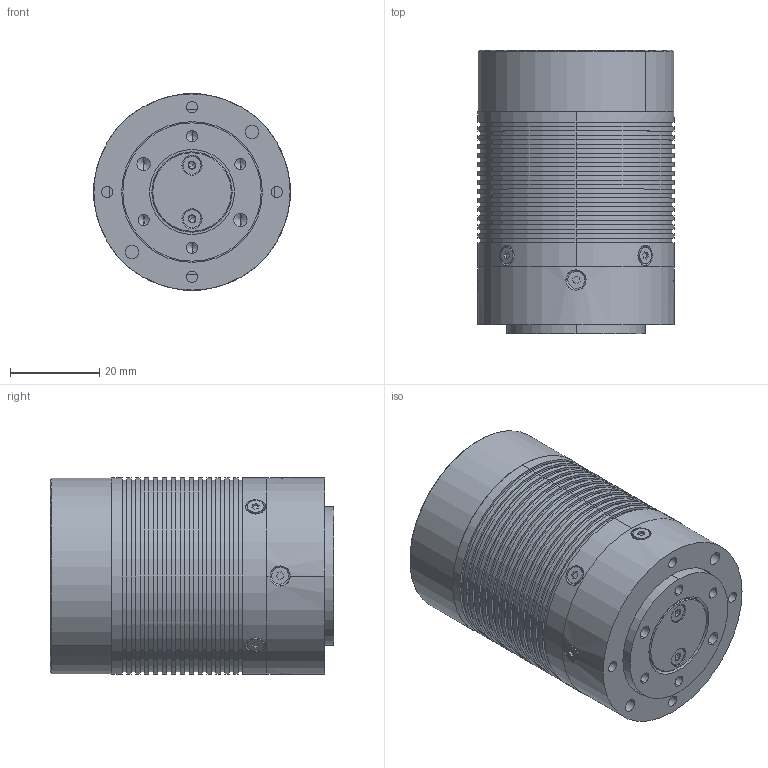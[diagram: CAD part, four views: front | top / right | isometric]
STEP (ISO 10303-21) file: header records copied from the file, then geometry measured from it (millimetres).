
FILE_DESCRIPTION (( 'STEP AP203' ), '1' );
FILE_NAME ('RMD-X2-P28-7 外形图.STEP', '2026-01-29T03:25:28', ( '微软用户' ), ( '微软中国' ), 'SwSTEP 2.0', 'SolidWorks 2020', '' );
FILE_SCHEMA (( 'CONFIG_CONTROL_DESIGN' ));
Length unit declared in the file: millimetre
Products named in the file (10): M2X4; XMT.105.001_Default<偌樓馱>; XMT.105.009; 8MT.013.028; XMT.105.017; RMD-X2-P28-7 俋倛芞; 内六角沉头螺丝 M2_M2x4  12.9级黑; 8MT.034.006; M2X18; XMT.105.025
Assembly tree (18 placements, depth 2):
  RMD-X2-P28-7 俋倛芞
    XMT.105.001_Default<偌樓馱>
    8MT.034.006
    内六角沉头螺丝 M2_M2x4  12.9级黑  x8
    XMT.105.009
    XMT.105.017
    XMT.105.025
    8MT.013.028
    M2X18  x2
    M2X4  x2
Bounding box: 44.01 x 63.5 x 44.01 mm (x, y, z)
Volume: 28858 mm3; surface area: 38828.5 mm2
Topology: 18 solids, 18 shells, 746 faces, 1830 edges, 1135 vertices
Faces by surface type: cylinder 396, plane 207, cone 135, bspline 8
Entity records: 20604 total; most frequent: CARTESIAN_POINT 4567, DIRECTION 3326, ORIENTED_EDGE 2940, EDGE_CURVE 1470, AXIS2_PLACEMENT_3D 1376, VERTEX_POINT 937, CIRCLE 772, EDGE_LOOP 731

==========

**Work required:** The answer is the lines above, word for word, from the first one through the one containing "FILE_SCHEMA (( 'CONFIG_CONTROL_DESIGN' ));"; it includes no pictures.

**Task response:**
[diagram: CAD part, four views: front | top / right | isometric]
STEP (ISO 10303-21) file: header records copied from the file, then geometry measured from it (millimetres).
FILE_DESCRIPTION (( 'STEP AP203' ), '1' );
FILE_NAME ('RMD-X2-P28-7 外形图.STEP', '2026-01-29T03:25:28', ( '微软用户' ), ( '微软中国' ), 'SwSTEP 2.0', 'SolidWorks 2020', '' );
FILE_SCHEMA (( 'CONFIG_CONTROL_DESIGN' ));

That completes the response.